Aug 28, 2023 - Health

Americans invested in their mental health during the pandemic

Photo illustration of two hands reaching out to each other, with abstract shapes and old telephones.

Illustration: Allie Carl/Axios

American spending on mental health with private insurance surged during the pandemic, according to a new study published in the scientific journal JAMA Health Forum.

Why it matters: Spending on mental health has continued to rise, even after the popularity of telehealth platforms plateaued — an increase in demand that correlates to a growing mental health crisis.

  • But researchers worry that telehealth could be covered less in the future: "Insurers may look for ways to curb costs and that could mean less flexibility about using telehealth for mental health services," wrote Jonathan Cantor, lead author of the study.

Driving the news: Diagnosis codes for anxiety disorders, major depressive disorder, bipolar disorder, schizophrenia, and post-traumatic stress disorder were reviewed from claims from about 7 million adults from January 2019 to August 2022 by the Rand Corporation and Castlight Health researchers.

Of note: Researchers were unable to distinguish new patients, who sought mental health services during the pandemic, from those who were previously receiving care.

  • Therapy patterns, care needs and spending may differ for people who do not have employer-based private insurance, which the study focused on.

What they found: The findings concluded that treatment across the board — in person and online — increased during the pandemic. Spending on mental health services jumped 53% from March 2020 to August 2022.

  • Mental health services use increased 22% from March to December 2020, the acute phase of the pandemic. By August 2022, mental health service use was 39% higher than before the pandemic.
  • By August 2022, in-person mental health services (rather than telehealth) returned to 80% of pre-pandemic levels.
  • Spending pre-pandemic was about $2.3 million per 10,000 beneficiaries per month. It increased to about $3.5 million after the acute period of the pandemic.

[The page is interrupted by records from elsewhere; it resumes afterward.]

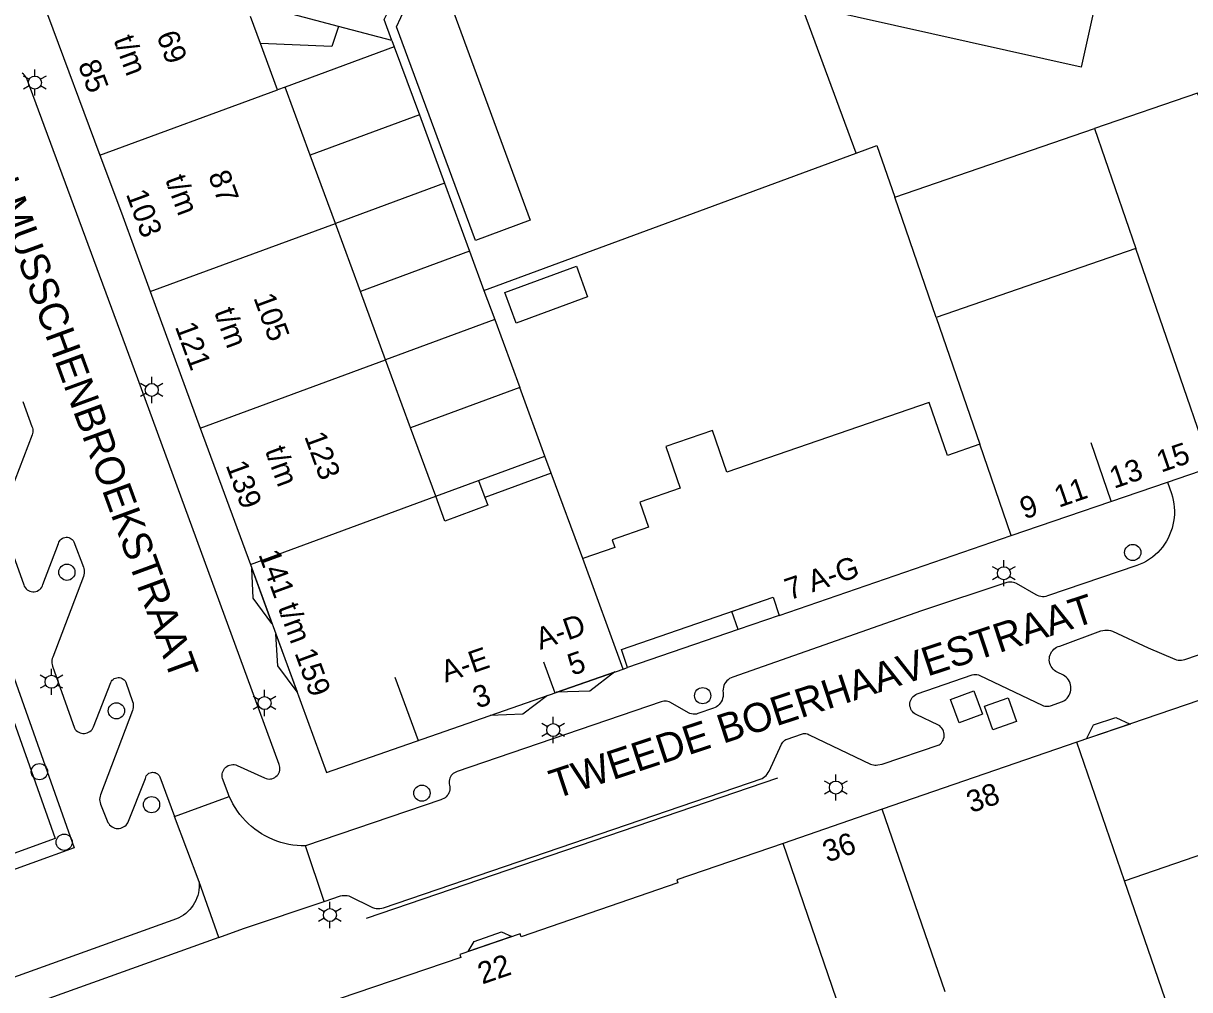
# Model space of a CAD drawing. Extents: x 122462 to 123306, y 485548 to 486417.
# Drawn here: x 122543.2 to 122623.8, y 485773.2 to 485839.9 of the extents above; entities that cross this region are included whole.
import ezdxf

# ---------------------------------------------------------------- set-up
doc = ezdxf.new("R2010")
doc.units = 0
for name, color, linetype in [('Level 1', 7, 'Continuous'), ('Level 10', 7, 'Continuous'), ('Level 17', 7, 'Continuous'), ('Level 19', 7, 'Continuous'), ('Level 2', 7, 'Continuous'), ('Level 22', 7, 'Continuous'), ('Level 23', 7, 'Continuous'), ('Level 24', 7, 'Continuous'), ('Level 4', 7, 'Continuous'), ('Level 42', 7, 'Continuous'), ('Level 45', 7, 'Continuous'), ('Level 5', 7, 'Continuous'), ('Level 50', 7, 'Continuous'), ('Level 53', 7, 'Continuous'), ('Level 58', 7, 'Continuous'), ('Level 59', 7, 'Continuous')]:
    doc.layers.add(name, color=color, linetype=linetype)

msp = doc.modelspace()

# ---------------------------------------------------------------- linework, layer by layer
at = {"layer": 'Level 1'}
for p, q in [((122559.59, 485838.478), (122558.901, 485840.349)), ((122560.77, 485835.277), (122559.59, 485838.478)), ((122561.299, 485835.472), (122560.77, 485835.277)), ((122563.031, 485830.771), (122561.299, 485835.472)), ((122617.208, 485832.614), (122620.063, 485824.326)), ((122564.766, 485826.061), (122563.031, 485830.771)), ((122566.498, 485821.36), (122564.766, 485826.061)), ((122620.063, 485824.326), (122606.271, 485819.574)), ((122551.983, 485821.351), (122555.439, 485811.934)), ((122568.234, 485816.648), (122566.498, 485821.36)), ((122606.271, 485819.574), (122609.291, 485810.81)), ((122569.966, 485811.947), (122568.234, 485816.648)), ((122555.439, 485811.934), (122558.897, 485802.507)), ((122571.706, 485807.226), (122569.966, 485811.947)), ((122622.246, 485808.207), (122625.259, 485809.239)), ((122579.676, 485808.83), (122575.095, 485807.142)), ((122581.851, 485802.93), (122579.676, 485808.83)), ((122611.459, 485804.509), (122622.246, 485808.207)), ((122584.64, 485795.299), (122584.954, 485795.401)), ((122624.403, 485793.12), (122615.979, 485790.239)), ((122615.979, 485790.239), (122602.549, 485785.62)), ((122602.549, 485785.62), (122595.705, 485783.261)), ((122622.308, 485771.864), (122619.273, 485780.677))]:
    msp.add_line(p, q, dxfattribs=at)
for points in [[(122546.889, 485845.419), (122544.88, 485840.66), (122544.88, 485840.489), (122548.508, 485830.759)], [(122633.776, 485812.174), (122633.562, 485812.799), (122633.411, 485812.748), (122629.727, 485823.472), (122624.31, 485835.061), (122617.208, 485832.614)], [(122548.508, 485830.759), (122549.989, 485826.779), (122551.983, 485821.351)], [(122609.291, 485810.81), (122607.042, 485810.035), (122605.779, 485813.701), (122591.812, 485808.889), (122590.818, 485811.775), (122587.595, 485810.664), (122588.589, 485807.778), (122585.805, 485806.819), (122586.404, 485805.081), (122583.892, 485804.215), (122584.071, 485803.695), (122581.851, 485802.93)], [(122575.095, 485807.142), (122575.295, 485806.599), (122572.338, 485805.51), (122571.706, 485807.226)], [(122584.954, 485795.401), (122584.524, 485796.649), (122595.002, 485800.25), (122595.429, 485798.999), (122611.459, 485804.509)], [(122558.897, 485802.507), (122564.16, 485788.16), (122584.64, 485795.299)], [(122595.705, 485783.261), (122588.35, 485780.749), (122588.42, 485780.539), (122577.601, 485776.821), (122577.531, 485777.031), (122573.371, 485775.601), (122573.443, 485775.393), (122562.65, 485771.719), (122562.57, 485771.939), (122555.33, 485769.42), (122555.347, 485769.372), (122554.835, 485769.176)], [(122619.273, 485780.677), (122624.837, 485782.58), (122625.179, 485781.58), (122628.017, 485782.551)]]:
    msp.add_lwpolyline(points, dxfattribs=at)
at = {"layer": 'Level 10'}
for points in [[(122560.385, 485798.453), (122559.094, 485800.197), (122558.994, 485802.244), (122560.385, 485798.453)], [(122592.594, 485798.026), (122592.166, 485799.275), (122595.002, 485800.25), (122595.429, 485798.999), (122592.594, 485798.026)], [(122562.118, 485793.73), (122560.794, 485795.514), (122560.66, 485797.702), (122562.118, 485793.73)], [(122580.046, 485793.699), (122584.079, 485795.105), (122582.34, 485793.768), (122580.046, 485793.699)], [(122575.454, 485792.098), (122579.425, 485793.482), (122577.708, 485792.175), (122575.454, 485792.098)], [(122616.657, 485790.472), (122617.13, 485791.436), (122618.682, 485791.946), (122619.676, 485791.504), (122616.657, 485790.472)], [(122573.935, 485775.795), (122574.363, 485776.484), (122576.242, 485777.16), (122576.96, 485776.835), (122573.935, 485775.795)]]:
    msp.add_lwpolyline(points, dxfattribs=at)
at = {"layer": 'Level 17'}
for p, q in [((122553.649, 485785.113), (122557.439, 485786.507)), ((122555.35, 485780.611), (122553.649, 485785.113)), ((122563.992, 485779.259), (122562.705, 485783.088)), ((122556.723, 485776.778), (122555.35, 485780.611))]:
    msp.add_line(p, q, dxfattribs=at)
for points in [[(122557.439, 485786.507), (122557.356, 485786.712), (122556.978, 485787.74), (122556.954, 485787.843), (122556.946, 485787.949), (122556.952, 485788.055), (122556.973, 485788.158), (122557.008, 485788.258), (122557.057, 485788.352), (122557.119, 485788.438), (122557.193, 485788.515), (122557.276, 485788.58), (122557.368, 485788.633), (122557.466, 485788.672), (122557.569, 485788.697), (122557.675, 485788.708), (122557.78, 485788.703), (122557.885, 485788.684), (122557.985, 485788.65), (122559.882, 485787.778), (122559.979, 485787.74), (122560.08, 485787.715), (122560.184, 485787.706), (122560.288, 485787.711), (122560.39, 485787.73), (122560.488, 485787.764), (122560.581, 485787.811), (122560.666, 485787.871), (122560.742, 485787.942), (122560.807, 485788.023), (122560.861, 485788.113), (122560.9, 485788.209), (122560.926, 485788.31), (122560.938, 485788.413), (122560.935, 485788.517), (122560.917, 485788.62), (122560.885, 485788.719), (122551.134, 485815.329), (122543.48, 485835.998), (122543.433, 485836.103), (122543.374, 485836.2), (122543.303, 485836.29), (122543.221, 485836.37), (122543.129, 485836.438)], [(122543.169, 485813.762), (122543.806, 485812.041), (122543.84, 485811.948), (122543.862, 485811.851), (122543.872, 485811.752), (122543.868, 485811.652), (122543.852, 485811.554), (122543.823, 485811.459), (122541.734, 485806)], [(122622.246, 485808.207), (122622.516, 485807.422), (122622.588, 485807.188), (122622.646, 485806.951), (122622.688, 485806.71), (122622.716, 485806.467), (122622.729, 485806.222), (122622.726, 485805.978), (122622.708, 485805.734), (122622.675, 485805.491), (122622.627, 485805.252), (122622.565, 485805.015), (122622.488, 485804.783), (122622.396, 485804.556), (122622.291, 485804.336), (122622.172, 485804.122), (122622.04, 485803.916), (122621.896, 485803.718), (122621.739, 485803.53), (122621.571, 485803.352), (122621.393, 485803.185), (122621.204, 485803.029), (122621.007, 485802.885), (122620.8, 485802.754), (122620.586, 485802.636), (122620.365, 485802.531), (122620.138, 485802.44), (122613.966, 485800.341), (122613.853, 485800.309), (122613.737, 485800.292), (122613.62, 485800.289), (122613.504, 485800.301), (122613.39, 485800.328), (122613.28, 485800.368), (122613.176, 485800.422), (122611.817, 485801.199), (122611.713, 485801.246), (122611.603, 485801.279), (122611.49, 485801.298), (122611.376, 485801.302), (122611.262, 485801.291), (122611.15, 485801.266), (122605.264, 485799.309), (122592.215, 485794.747), (122592.099, 485794.699), (122591.991, 485794.637), (122591.891, 485794.562), (122591.801, 485794.474), (122591.723, 485794.377), (122591.657, 485794.27), (122591.606, 485794.156), (122591.569, 485794.036), (122591.547, 485793.913), (122591.541, 485793.788), (122591.559, 485793.658), (122591.561, 485793.526), (122591.548, 485793.395), (122591.52, 485793.267), (122591.478, 485793.142), (122591.425, 485793.035), (122591.359, 485792.935), (122591.282, 485792.844), (122591.195, 485792.763), (122591.099, 485792.693), (122590.994, 485792.634), (122590.884, 485792.589), (122589.817, 485792.222), (122589.708, 485792.193), (122589.596, 485792.179), (122589.483, 485792.182), (122589.371, 485792.199), (122589.263, 485792.233), (122589.161, 485792.281), (122587.921, 485792.982), (122587.834, 485793.025), (122587.743, 485793.057), (122587.649, 485793.077), (122587.552, 485793.086), (122587.456, 485793.083), (122587.36, 485793.068), (122587.267, 485793.042), (122573.18, 485788.218), (122573.083, 485788.187), (122572.992, 485788.144), (122572.908, 485788.087), (122572.832, 485788.02), (122572.767, 485787.943), (122572.713, 485787.857), (122572.672, 485787.765), (122572.644, 485787.667), (122572.63, 485787.567), (122572.63, 485787.376), (122572.662, 485787.273), (122572.68, 485787.167), (122572.684, 485787.059), (122572.674, 485786.951), (122572.65, 485786.846), (122572.613, 485786.745), (122572.563, 485786.649), (122572.501, 485786.561), (122572.427, 485786.482)], [(122541.727, 485805.379), (122543.239, 485801.104), (122543.279, 485801.008), (122543.333, 485800.92), (122543.4, 485800.84), (122543.478, 485800.771), (122543.565, 485800.715), (122543.66, 485800.672), (122543.76, 485800.644), (122543.863, 485800.631), (122543.967, 485800.634), (122544.07, 485800.652), (122544.168, 485800.685), (122544.26, 485800.733), (122544.345, 485800.794), (122544.419, 485800.867), (122544.481, 485800.95), (122544.531, 485801.041), (122544.566, 485801.139), (122545.64, 485803.958), (122545.668, 485804.046), (122545.71, 485804.129), (122545.765, 485804.204), (122545.832, 485804.268), (122545.908, 485804.321), (122545.991, 485804.361), (122546.08, 485804.387), (122546.172, 485804.398), (122546.265, 485804.394), (122546.356, 485804.375), (122546.442, 485804.342), (122546.522, 485804.295), (122546.593, 485804.235), (122546.654, 485804.165), (122546.702, 485804.086), (122547.365, 485802.335), (122547.397, 485802.231), (122547.417, 485802.124), (122547.423, 485802.016), (122547.416, 485801.907), (122547.397, 485801.801), (122547.364, 485801.697), (122545.242, 485796.122), (122545.21, 485796.022), (122545.191, 485795.918), (122545.183, 485795.813), (122545.188, 485795.708)], [(122520.38, 485773.439), (122512.886, 485794.596), (122539.224, 485804.105), (122546.718, 485782.948), (122520.38, 485773.439)], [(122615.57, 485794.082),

What's next: Researchers said it's unclear if mental health services will continue to stay at higher rates than pre-pandemic or eventually drop.

  • "If this increased utilization affects spending, insurers may begin rejecting the new status quo," according to the study.
  • "The demand for mental health services further underscores the critical need to integrate behavioral health services into primary care," wrote Dena Bravata, a co-author of the study and researcher.

Yes, but: Patients with unmet mental health needs could increase costs for insurers in a different way, the New York Times reports.

  • They are less likely to take medications and more likely to go to emergency rooms.
  • Telehealth also makes mental health care more accessible.